2. Mahler Product Sampler (2D × Polar)

  • Idea: draw a random 2D convex polygon K (e.g., via radial samples), compute its polar K^◦, then form K × K^◦ ⊂ ℝ⁴. This family stays within the Mahler/Viterbo equivalence regime.
  • Params: vertex count range for K, radial jitter budget, minimum/maximum in-radius to keep K full-dimensional.
  • Replay: base seed + index mixed into the 2D sampler’s ReplayToken. Replaying regenerates the exact polygon, its polar, and their product.
  • Validity: K contains the origin after recenter_rescale; the polar remains bounded. Cartesian products naturally yield star-shaped polytopes.
  • Implementation: rand4::MahlerProductGenerator backed by geom2::rand::{draw_polygon_radial, recenter_rescale, polar}. Atlas stages can stream rows or rehydrate via the replay token.

3. Regular Polygon Product Enumerator

  • Idea: enumerate tuples (n₁, n₂, rotation₁, rotation₂, scale) and build the lagrangian product of two regular n‑gons. Each tuple deterministically identifies a single 4D polytope.
  • Params: discrete sets (or ranges) for n_i, rotation grids (e.g., multiples of π/32), and per-factor scales.
  • Replay: the tuple itself. generate_single simply rebuilds the cartesian-product vertex set.
  • Validity: direct product of convex polygons, so convex/stable automatically. Enumerations terminate once all tuples are exhausted or a cutoff is hit.

4. Perturbed Special Polytopes

  • Idea: start from a catalog (cube, cross-polytope, Viterbo counterexample) and apply small randomized symplectic or affine perturbations. Useful for stress-testing capacity algorithms along known families.
  • Params: base polytope id, perturbation budget, symplectic/affine toggle.
  • Replay: (base_id, seed); deterministic perturbation sequences.
  • Open question: best way to constrain perturbations so that invariants (symplectic, lagrangian product structure) remain intact—escalate before implementing.

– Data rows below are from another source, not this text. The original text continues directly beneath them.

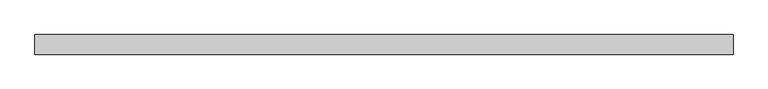
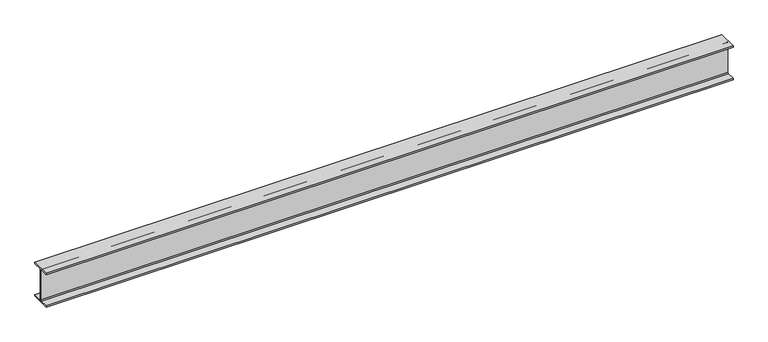
"""IFC4 building model written with IfcOpenShell, lengths in millimetres: beam geometry, Old_Steel Beam_H-KSD3502 : H_SB_ASB_H-482×300x11x15."""

from ifc_helpers import new_model, si_unit, point, frame, frame_2d, origin, place, context, project, spatial, polyline, circle_curve, trimmed, segment, composite_curve, outline, extrude, source, transform, mapped, element, save


def beam_c295454d(model_context):
    return source(origin(), model_context, "Body", "SweptSolid", [
        extrude(outline(composite_curve([segment(polyline([(82.5, -141.5), (82.5, -151.7), (-82.5, -151.7), (-82.5, -141.5), (-11.9, -141.5)]), True, "CONTINUOUS"), segment(trimmed(circle_curve(frame_2d((-11.9, -132.6)), 8.9), [point((-11.9, -141.5))], [point((-3.0, -132.6))], True, "CARTESIAN"), True, "CONTINUOUS"), segment(polyline([(-3.0, -132.6), (-3.0, 132.6)]), True, "CONTINUOUS"), segment(trimmed(circle_curve(frame_2d((-11.9, 132.6)), 8.9), [point((-3.0, 132.6))], [point((-11.9, 141.5))], True, "CARTESIAN"), True, "CONTINUOUS"), segment(polyline([(-11.9, 141.5), (-82.5, 141.5), (-82.5, 151.7), (82.5, 151.7), (82.5, 141.5), (11.9, 141.5)]), True, "CONTINUOUS"), segment(trimmed(circle_curve(frame_2d((11.9, 132.6)), 8.9), [point((11.9, 141.5))], [point((3.0, 132.6))], True, "CARTESIAN"), True, "CONTINUOUS"), segment(polyline([(3.0, 132.6), (3.0, -132.6)]), True, "CONTINUOUS"), segment(trimmed(circle_curve(frame_2d((11.9, -132.6)), 8.9), [point((3.0, -132.6))], [point((11.9, -141.5))], True, "CARTESIAN"), True, "CONTINUOUS"), segment(polyline([(11.9, -141.5), (82.5, -141.5)]), True, "CONTINUOUS")], self_intersect=False)), frame((-2939.3, 0.0, 0.0), z_axis=(1.0, 0.0, 0.0), x_axis=(0.0, 1.0, 0.0)), (0.0, 0.0, 1.0), 5878.6),
    ])


if __name__ == "__main__":
    model = new_model("IFC4")
    model_context = context("Model", 3, world=origin())
    ifc_project = project(units=[si_unit("LENGTHUNIT", "METRE", prefix="MILLI")], contexts=[model_context])
    site = spatial("IfcSite", under=ifc_project)
    building = spatial("IfcBuilding", under=site)
    placement = place(None, origin())
    beam_shape = beam_c295454d(model_context)
    element("IfcBeam", 1, ObjectType="Old_Steel Beam_H-KSD3502 : H_SB_ASB_H-482×300x11x15", at=placement, inside=building, context=model_context, shape_type="MappedRepresentation", body=[
        mapped(beam_shape, transform((0.0, 0.0, 0.0), x_axis=(1.0, 0.0, 0.0), y_axis=(0.0, 1.0, 0.0), z_axis=(0.0, 0.0, 1.0))),
    ])
    save(model, "model.ifc")

# Revit data of these elements
# Type "Old_Steel Beam_H-KSD3502 : H_SB_ASB_H-482×300x11x15"
#   Width = 30.0 cm
#   Web Thickness = 1.1 cm
#   Web Fillet = 2.6 cm
#   Warping Constant = 3680250.0 cm⁶
#   Torsional Moment of Inertia = 88.2192 cm⁴
#   Torsional Modulus = 1.0 cm³
#   Section Area = 145.5 cm²
#   Plastic Modulus weak axis = 695.0 cm³
#   Plastic Modulus strong axis = 2790.0 cm³
#   Perimeter = 2.10 m²/m
#   Nominal Weight = 114.00 kgf/m
#   Moment of Inertia weak axis = 6760.00 cm⁴
#   Moment of Inertia strong axis = 60400.00 cm⁴
#   Height = 48.2 cm
#   Flange Thickness = 1.5 cm
#   Elastic Modulus weak axis = 451.0 cm³
#   Elastic Modulus strong axis = 2500.0 cm³
#   Centroid Vertical = 24.1 cm
#   Centroid Horizontal = 15.0 cm
#   Length [instance default] = 1.5240 m
#   Structural Material [instance default] = Steel, 45-345
#   Assembly Code = ""
# Element 1 (IfcBeam, "Old_Steel Beam_H-KSD3502 : H_SB_ASB_H-482×300x11x15")
#   Structural Material = none
# Materials
#   "Steel, 45-345": class "Metal", colour RGB 189 187 185, transparency 0, Description = "Steel 345 MPa", Cost = 0

5. Streaming Filters / Rejection Pipelines

  • Idea: wrap any generator with a predicate (e.g., “systolic ratio ≥ 0.9”) and expose a filtered stream. Inputs add a filter_seed for deterministic acceptance/rejection.
  • Policy: the wrapped generator still owns the replay token; the filter stores “skip counts” so that regenerating row k repeats the same sequence of rejections before yielding.

Integration with the Atlas Dataset

  • Row schema: {"polytope": Poly4, "generator": name, "params": json, "replay_token": value}. The atlas build stage reads this schema to call generate_single when regenerating artifacts.
  • Config knobs: each dataset config lists generators with explicit rows (or max_rows for enumerations). Scaling up/down means editing those integers directly, which keeps per-source cost controls obvious (e.g., “Mahler = 40 rows, Regular products = 10 rows, Catalog = 5 rows”).
  • Testing: smoke configs cap each generator at ≤3 rows to keep tests/smoke under 10 seconds; full configs rely on scripts/reproduce.sh.
  • Escalation hooks: if a generator cannot hit requested constraints (e.g., Mahler sampler fails to find a polygon with desired in-radius), it should emit structured errors referencing this page and the originating ticket.

Next Steps

  1. Surface the rand4 module via PyO3 bindings so Python stages can stream polytopes without re-implementing algorithms.
  2. Add benchmark hooks to record generation time per row (to correlate distributions with compute cost).
  3. Expand the generator catalogue with sphere packings, zonotopes, and EHZ-focused adversarial shapes once the current families cover the baseline dataset needs.